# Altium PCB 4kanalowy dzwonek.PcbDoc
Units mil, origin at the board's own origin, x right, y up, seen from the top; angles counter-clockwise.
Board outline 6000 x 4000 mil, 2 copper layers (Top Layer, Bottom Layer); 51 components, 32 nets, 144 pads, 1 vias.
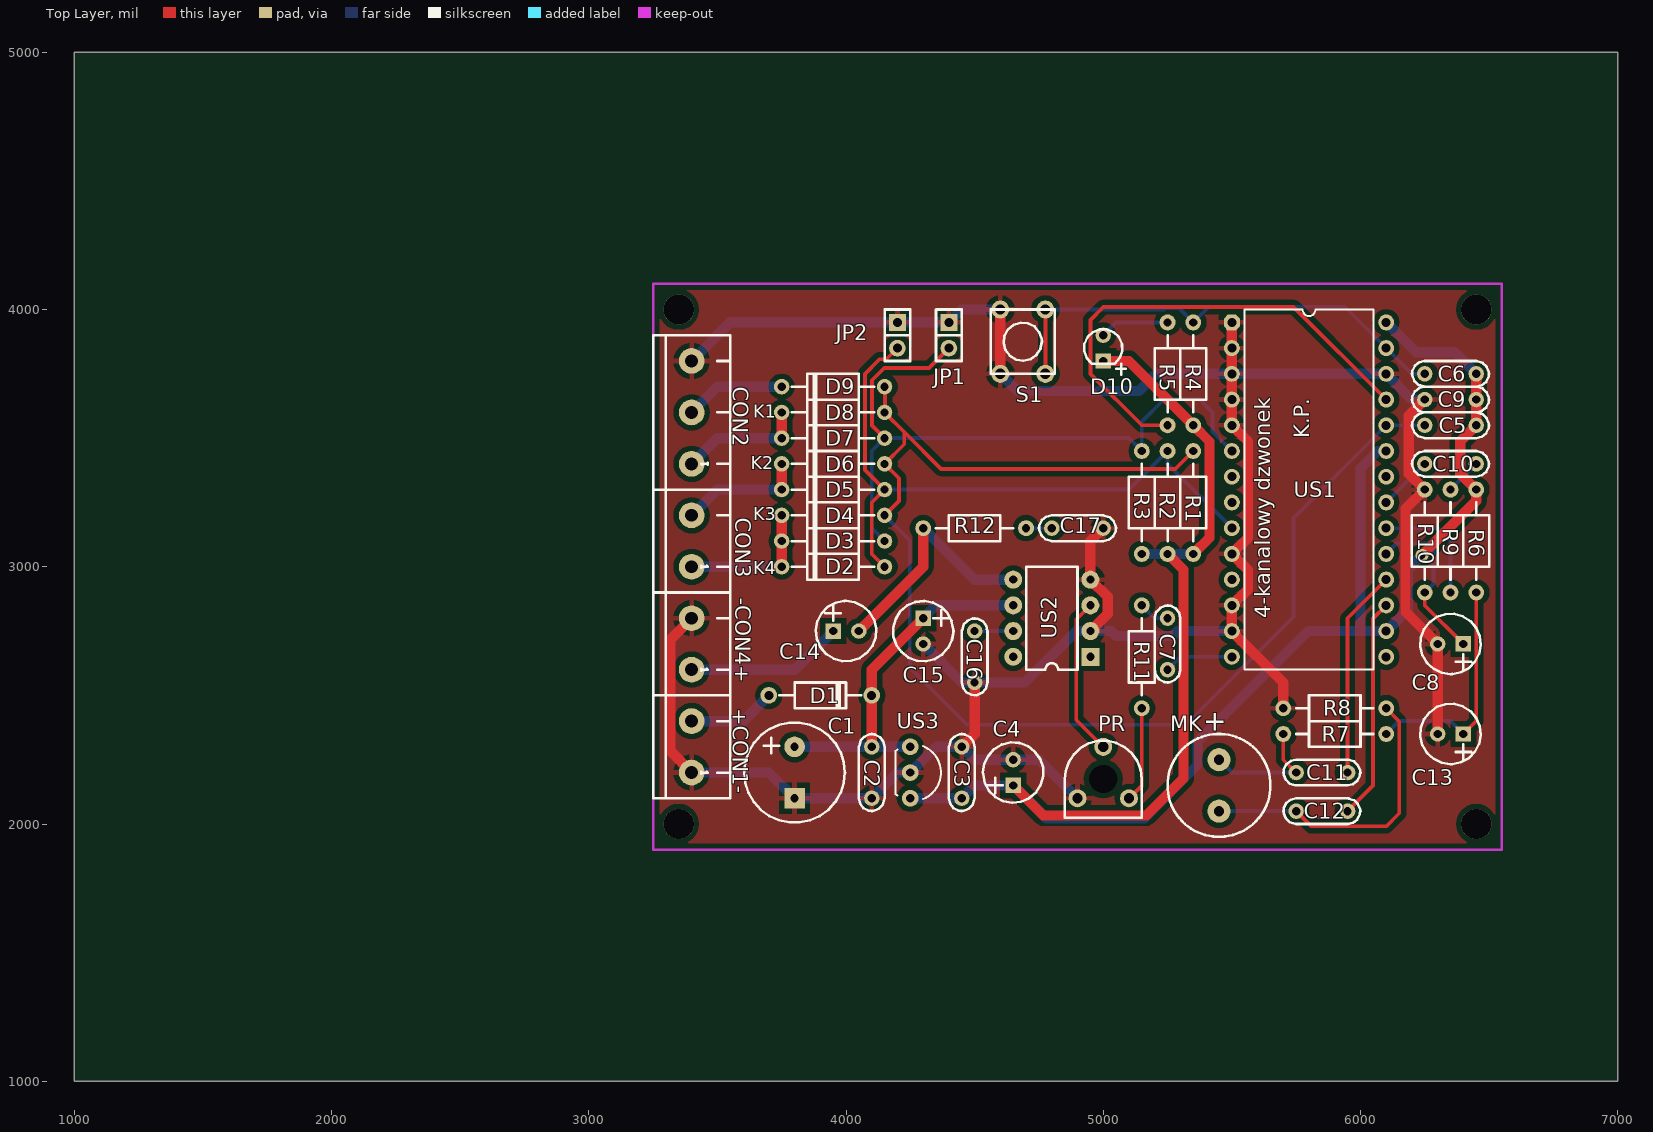
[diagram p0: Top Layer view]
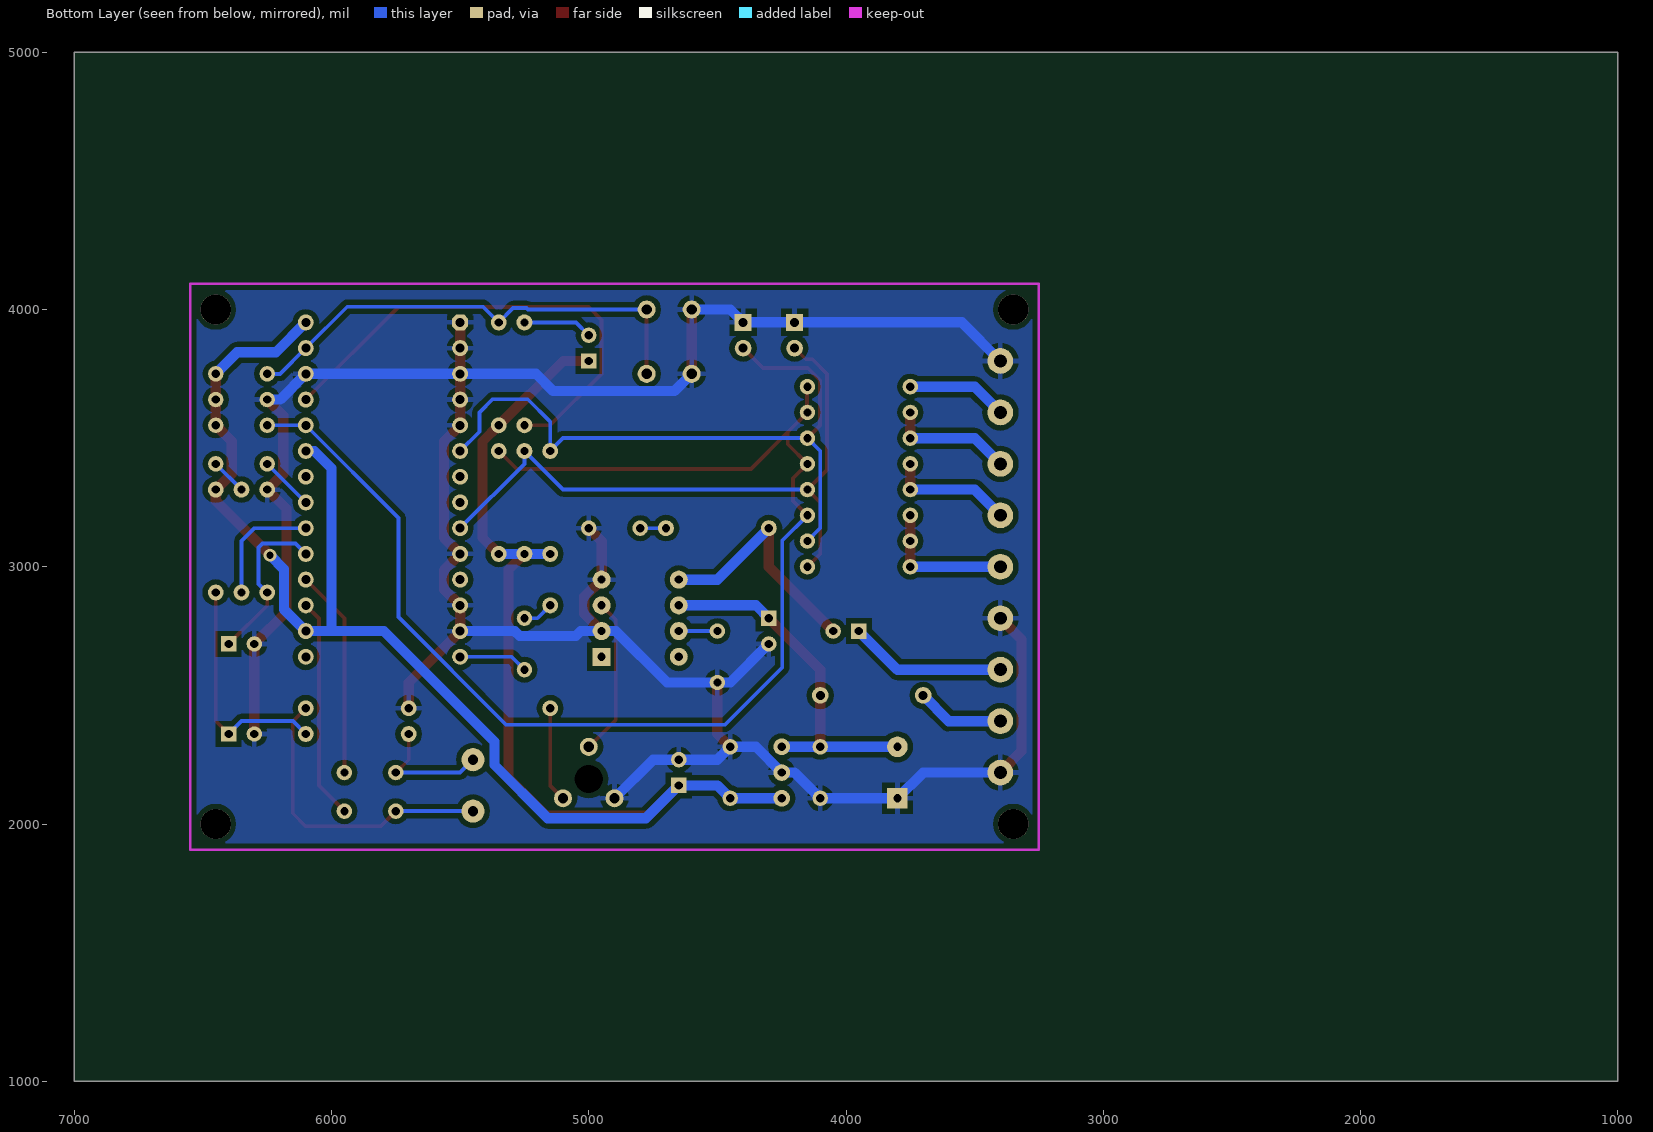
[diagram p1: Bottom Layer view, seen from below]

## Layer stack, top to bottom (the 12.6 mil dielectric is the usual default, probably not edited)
Top Layer: signal copper 1.4
Dielectric: dielectric 12.6, FR-4, Dk 4.8
Bottom Layer: signal copper 1.4

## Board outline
1000,1000 7000,1000 7000,5000 1000,5000

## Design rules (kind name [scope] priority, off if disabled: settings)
Clearance [All] p1: gap=20
ComponentClearance [All] p1: gap=10 collisioncheckmode=0
PolygonConnect [All] p1: connectstyle=Relief reliefconductorwidth=20 reliefentries=4 polygonreliefangle="90 Angle"
RoutingVias [All] p1: holewidth=28 width=50 viastyle="Through Hole" minholewidth=28 minwidth=50 maxholewidth=28 maxwidth=50
SolderMaskExpansion [All] p1: expansion=4
TestPointUsage [All] p1: valid=0 allowmultiple=FALSE
Testpoint [All] p1: side=15 testpointundercomponent=TRUE minsize=40 maxsize=100 preferedsize=60 minholesize=0 maxholesize=40 preferedholesize=32 testpointgrid=1 style=1023 order=-539222988
Width Width_1 [InNet('VIN') Or InNet('VCC') Or  InNet('GND') Or InNet('NetC14_2') Or InNet('NetC14_1') Or InNet('NetCON1_2') Or InNet('GND') Or InNet('GND')] p1: maxlimit=40 minlimit=10 preferedwidth=40
Width [All] p2: maxlimit=15 minlimit=10 preferedwidth=15
17 further rules are at their usual default settings.

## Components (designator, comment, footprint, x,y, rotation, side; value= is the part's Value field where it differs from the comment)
+CON1- "" con2-5 3400,2300 r270 top (schematic designator CON1)
-CON4+ "" con2-5 3400,2700 r270 top (schematic designator CON4)
C1 "470u" elektr2 3800,2200 r180 top
C2 "100n" cap1 4100,2200 r270 top
C3 "100n" cap1 4450,2200 r90 top
C4 "100u" elektr1 4650,2150 r180 top
C5 "100nF" cap1 6350,3550 r180 top
C6 "Cap" cap1 6350,3750 r0 top
C7 "220n" cap1 5250,2700 r270 top
C8 "4,7u" elektr1 6400,2700 r270 top
C9 "100n" cap1 6350,3650 r180 top
C10 "100n" cap1 6350,3400 r0 top
C11 "100n" cap1 5850,2200 r180 top
C12 "100n" cap1 5850,2050 r180 top
C13 "220u" elektr1 6400,2350 r270 top
C14 "220uF" elektr1 3950,2750 r90 top
C15 "100uF" elektr1 4300,2800 r0 top
C16 "100nF" CAP1 4500,2650 r270 top
C17 "100nF" CAP1 4900,3150 r0 top
CON2 "Header 3" CON3-5 3400,3600 r90 top
CON3 "Header 2" CON2-5 3400,3100 r270 top
D1 "1N4007" dioda#1 3900,2500 r0 top
D2 "1N4148" dioda#2 3950,3000 r180 top
D3 "1N4148" dioda#2 3950,3100 r180 top
D4 "1N4148" dioda#2 3950,3200 r180 top
D5 "1N4148" dioda#2 3950,3300 r180 top
D6 "1N4148" dioda#2 3950,3400 r180 top
D7 "1N4148" dioda#2 3950,3500 r180 top
D8 "1N4148" dioda#2 3950,3600 r180 top
D9 "1N4148" dioda#2 3950,3700 r180 top
D10 "LED0" LED3 5000,3800 r0 top
JP1 "JUMPER" SIP2 4400,3950 r270 top
JP2 "JUMPER" SIP2 4200,3950 r270 top
MK "" CP_S 5450,2250 r180 top
PR "10k" POT 5000,2200 r0 top
R1 "Res2" r 5350,3250 r270 top
R2 "Res2" r 5250,3250 r270 top
R3 "Res2" r 5150,3250 r270 top
R4 "Res2" r 5350,3750 r270 top
R5 "Res2" r 5250,3750 r90 top
R6 "1k" r 6450,3100 r90 top
R7 "10k" r 5900,2350 r0 top
R8 "10k" r 5900,2450 r0 top
R9 "5,1k" r 6350,3100 r90 top
R10 "470k" r 6250,3100 r270 top
R11 "Res2" r 5150,2650 r90 top
R12 "30" R 4500,3150 r0 top
S1 "SW-PB" key1 4600,3750 r0 top
US1 "ISD 1420" dip-28 5500,3950 r0 top
US2 "LM386" DIP8 4950,2650 r180 top
US3 "78l05" to-92C 4250,2300 r0 top

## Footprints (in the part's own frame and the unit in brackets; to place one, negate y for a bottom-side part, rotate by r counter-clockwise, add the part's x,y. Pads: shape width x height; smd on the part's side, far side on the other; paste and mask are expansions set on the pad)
cap1 [mil]
  round 60 hole 32: 1(-100,0) 2(100,0)
  silkscreen extent -150,-50 150,50
CAP1 [mil]
  round 60 hole 32: 1(-100,0) 2(100,0)
  silkscreen extent -150,-50 150,50
con2-5 [mil]
  round 100 hole 50: 1(100,0) 2(-100,0)
  silkscreen extent -200,-150 200,150
CON2-5 [mil]
  round 100 hole 50: 1(100,0) 2(-100,0)
  silkscreen extent -200,-150 200,150
CON3-5 [mil]
  round 100 hole 50: 1(-200,0) 2(0,0) 3(200,0)
  silkscreen extent -300,-150 300,150
CP_S [mil]
  round 90 hole 40: 1(0,0) 2(0,200)
  silkscreen extent -200,-100 200,300
dioda#1 [mil]
  round 65 hole 35: 1(-200,0) 2(200,0)
  silkscreen extent -160,-50 160,50
dioda#2 [mil]
  round 60 hole 32: 1(-200,0) 2(200,0)
  silkscreen extent -160,-50 160,50
DIP8 [mil]
  rect 70x70 hole 32: 1(0,0)
  round 70 hole 32: 2(0,-100) 3(0,-200) 4(0,-300) 5(300,-300) 6(300,-200) 7(300,-100) 8(300,0)
  silkscreen extent 50,-350 250,50
dip-28 [mil]
  oct 62x62 hole 35: 1(0,0)
  round 62 hole 35: 2(0,-100) 3(0,-200) 4(0,-300) 5(0,-400) 6(0,-500) 7(0,-600) 8(0,-700) 9(0,-800) 10(0,-900) 11(0,-1000) 12(0,-1100) 13(0,-1200) 14(0,-1300) 15(600,-1300) 16(600,-1200) 17(600,-1100) 18(600,-1000) 19(600,-900) 20(600,-800) 21(600,-700) 22(600,-600) 23(600,-500) 24(600,-400) 25(600,-300) 26(600,-200) 27(600,-100) 28(600,0)
  silkscreen extent 50,-1350 550,50
elektr1 [mil]
  rect 60x60 hole 32: 1(0,0)
  round 60 hole 32: 2(0,-100)
  silkscreen extent -117,-167 118,67
elektr2 [mil]
  round 80 hole 32: 1(0,-100)
  rect 80x80 hole 32: 2(0,100)
  silkscreen extent -196,-194 196,194
key1 [mil]
  round 70 hole 40: 1(0,0) 1(0,250) 2(175,0) 2(175,250)
  silkscreen extent -38,0 212,250
LED3 [mil]
  rect 60x60 hole 32: 1(0,0)
  round 60 hole 32: 2(0,100)
  silkscreen extent -74,-53 87,123
POT [mil]
  round 60 hole 110: 0(0,-25)
  round 70 hole 40: 1(-100,-100) 2(100,-100) 3(0,100)
  silkscreen extent -150,-175 150,124
r [mil]
  round 62 hole 32: 1(-200,0) 2(200,0)
  silkscreen extent -150,-50 150,50
R [mil]
  round 62 hole 32: 1(-200,0) 2(200,0)
  silkscreen extent -150,-50 150,50
SIP2 [mil]
  rect 65x65 hole 35: 1(0,0)
  round 65 hole 35: 2(100,0)
  silkscreen extent -50,-50 150,50
to-92C [mil]
  round 65 hole 32: 1(0,0) 2(0,-100) 3(0,-200)
  silkscreen extent -58,-203 119,3

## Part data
+CON1- -CON4+: library part CON2
C1 C4 C8 C13: library part ELECTRO2, "Electrolytic Capacitor"
C2 C3: library part CAP
C5: library part Cap, "Capacitor"
C6: "Capacitor"
C7 C9 C10 C11 C12 C16 C17: library part CAP, "Capacitor"
C14 C15: library part CP, "Capacitor"
CON2: "Header, 3-Pin"
CON3: "Header, 2-Pin"
D1: library part DIODE, "Diode"
D2 D3 D4 D5 D6 D7 D8 D9: library part Diode, "Default Diode"
D10: "Typical INFRARED GaAs LED"
MK: library part MICROPHONE2, "Microphone"
PR: library part POT2, "Potentiometer"
R1 R2 R3 R4 R5 R11: "Resistor"
R6 R7 R8 R9 R10 R12: library part RES2
S1: "Switch"
US3: library part VOLTREG

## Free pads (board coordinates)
  round 118.11 hole 118.11: 0(3350,2000) 1(3350,4000) 2(6450,4000) 3(6450,2000)

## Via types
v1: diameter 50, hole 28, Top Layer to Bottom Layer, 1 vias

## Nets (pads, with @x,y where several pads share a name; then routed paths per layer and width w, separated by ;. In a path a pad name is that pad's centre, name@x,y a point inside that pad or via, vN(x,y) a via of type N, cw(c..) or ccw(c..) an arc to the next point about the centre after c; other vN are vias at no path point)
+VCC: 
GND: +CON1-.1 -CON4+.2 C1.2 C2.2 C3.2 C4.2 C8.2 C9.2 C13.2 C15.2 C16.2 C17.2 CON2.3 JP1.1 JP2.1 PR.1 R8.1 R10.1 S1.1 US1.1 US1.2 US1.3 US1.4 US1.5 US1.10 US1.12 US1.13 US1.26 US2.2 US2.4 US3.2 | length 10883.8
  Top Layer w40: +CON1-.1 3318,2282 3318,2718 -CON4+.2 ; C3.2 4500,2350 C16.2 ; S1.1@4600,3750 S1.1@4600,4000 ; US2.2 5017,2817 5017,2883 US2.4 4950,3100 C17.2 ; US1.1 US1.2 US1.3 US1.4 US1.5 5563,3487 5563,3113 US1.10 5563,2987 5563,2913 US1.12 US1.13 5700,2550 R8.1 ; C9.2 6188,3588 6188,3362 R10.1 6175.08,3225.08 6175.08,2824.92 C8.2 C13.2
  Bottom Layer w40: +CON1-.1 3700,2200 C1.2 C2.2 4200,2200 US3.2 4350,2300 C3.2 4500,2250 C4.2 4750,2250 PR.1 ; CON2.3 3550,3950 JP2.1 JP1.1 4450,4000 S1.1@4600,4000 ; C15.2 4450,2550 C16.2 4695,2550 4895,2750 US2.2 5032,2750 5051,2731 5268,2731 5287,2750 US1.13 ; S1.1@4600,3750 4667,3683 5138,3683 5205,3750 US1.3 US1.26 6200,3650 C9.2
NetC5_2: C5.2 D4.1 D6.1 D8.1 D9.1 R1.1 US1.24 | length 5258.2
  Top Layer w15: D4.1 4206,3256 4206,3344 D6.1 4226.5,3476.5 4226.5,3523.5 ; D9.1 4152,3698 4152,3602 D8.1 4226.5,3523.5 ; R1.1 5280,3380 4370,3380 4226.5,3523.5
  Bottom Layer w15: D4.1 4248,3102 4248,2608 4470,2386 5322,2386 5740,2804 5740,3190 US1.24 C5.2
NetC6_1: C6.1 R4.1 S1.2 US1.27 | length 1884.1
  Top Layer w15: S1.2@4775,3750 S1.2@4775,4000
  Bottom Layer w15: S1.2@4775,4000 5236,4000 5242,4006 5294,4006 R4.1 5411,4011 5939,4011 US1.27 6200,3750 C6.1
NetC7_1: C7.1 R11.2 | length 120.7
  Bottom Layer w15: R11.2 5200,2800 C7.1
NetC7_2: C7.2 US1.14 | length 270.7
  Bottom Layer w15: C7.2 5300,2650 US1.14
NetC8_1: C8.1 R10.2 US1.19 | length 657.4
  Top Layer w15: R10.2 6250,2850 C8.1
  Bottom Layer w15: US1.19 6140.1,3090.1 6268.4,3090.1 6283.5,3075 6283.5,2933.5 R10.2
NetC10_1: C10.1 US1.21 | length 212.1
  Bottom Layer w15: US1.21 C10.1
NetC10_2: C10.2 R9.2 | length 141.4
  Bottom Layer w15: R9.2 C10.2
NetC11_1: C11.1 US1.18 | length 812.1
  Top Layer w15: C11.1 5950,2800 US1.18
NetC11_2: C11.2 MK.1 R7.1 | length 491.4
  Top Layer w15: R7.1 5700,2250 C11.2
  Bottom Layer w15: MK.1 5500,2200 C11.2
NetC12_1: C12.1 US1.17 | length 862.1
  Top Layer w15: C12.1 6049,2149 6049,2799 US1.17
NetC12_2: C12.2 MK.2 R8.2 | length 1175.7
  Top Layer w15: C12.2 5809,1991 6100,1991 6151,2042 6151,2399 R8.2
  Bottom Layer w15: MK.2 C12.2
NetC13_1: C13.1 R6.1 R7.2 | length 912.1
  Top Layer w15: C13.1 6450,2400 R6.1
  Bottom Layer w15: R7.2 6150,2400 6350,2400 C13.1
NetC14_1: -CON4+.1 C14.1 | length 612.1
  Bottom Layer w40: -CON4+.1 3800,2600 C14.1
NetC14_2: C14.2 R12.1 US2.5 | length 936.4
  Top Layer w40: C14.2 4300,3000 R12.1
  Bottom Layer w40: R12.1 4500,2950 US2.5
NetC16_1: C16.1 US2.7 | length 150
  Bottom Layer w15: C16.1 US2.7
NetC17_1: C17.1 R12.2 | length 100
  Bottom Layer w15: R12.2 C17.1
NetCON1_2: +CON1-.2 D1.1 | length 341.4
  Bottom Layer w40: +CON1-.2 3600,2400 D1.1
NetCON2_1: CON2.1 D7.2 D8.2 | length 491.4
  Top Layer w40: D7.2 D8.2
  Bottom Layer w40: CON2.1 3500,3500 D7.2
NetCON2_2: CON2.2 D9.2 | length 391.4
  Bottom Layer w40: CON2.2 3500,3700 D9.2
NetCON3_1: CON3.1 D2.2 D3.2 D4.2 | length 550
  Top Layer w40: D2.2 D3.2 D4.2
  Bottom Layer w40: CON3.1 D2.2
NetCON3_2: CON3.2 D5.2 D6.2 | length 491.4
  Top Layer w40: D5.2 D6.2
  Bottom Layer w40: CON3.2 3500,3300 D5.2
NetD2_1: D2.1 D5.1 JP2.2 R2.1 US1.9 | length 2556.7
  Top Layer w15: D2.1 4100,3050 4100,3250 D5.1 4073.5,3376.5 4073.5,3750 4130.18,3806.68 4156.68,3806.68 JP2.2
  Bottom Layer w15: D5.1 5100,3300 R2.1 5250,3400 US1.9
NetD3_1: D3.1 D7.1 JP1.2 R3.1 US1.6 | length 2686.1
  Top Layer w15: D7.1 4100.5,3549.5 4100.5,3725 4148.5,3773 4323,3773 JP1.2
  Bottom Layer w15: D3.1 4100,3150 4100,3450 D7.1 5100,3500 R3.1 5150,3564 5237,3651 5374,3651 5425,3600 5425,3525 US1.6
NetD10_2: D10.2 R5.2 | length 270.7
  Bottom Layer w15: D10.2 5050,3950 R5.2
NetPR_1: PR.2 R11.1 | length 370.7
  Top Layer w15: PR.2 5150,2150 R11.1
NetPR_2: PR.3 US2.3 | length 616.3
  Top Layer w15: US2.3 4895,2795 4895,2405 PR.3
NetR5_1: R5.1 US1.25 | length 1912.7
  Top Layer w15: R5.1 5150,3550 4950,3750 4950,3960 5000,4010 5740,4010 US1.25
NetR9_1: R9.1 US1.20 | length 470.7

_ _ _

Only the lines from the start of the records to the one containing "## Board outline" should be repeated, exactly and with both ends kept; drop any pictures.

# Altium PCB 4kanalowy dzwonek.PcbDoc
Units mil, origin at the board's own origin, x right, y up, seen from the top; angles counter-clockwise.
Board outline 6000 x 4000 mil, 2 copper layers (Top Layer, Bottom Layer); 51 components, 32 nets, 144 pads, 1 vias.
[diagram p0: Top Layer view]
[diagram p1: Bottom Layer view, seen from below]

## Layer stack, top to bottom (the 12.6 mil dielectric is the usual default, probably not edited)
Top Layer: signal copper 1.4
Dielectric: dielectric 12.6, FR-4, Dk 4.8
Bottom Layer: signal copper 1.4

## Board outline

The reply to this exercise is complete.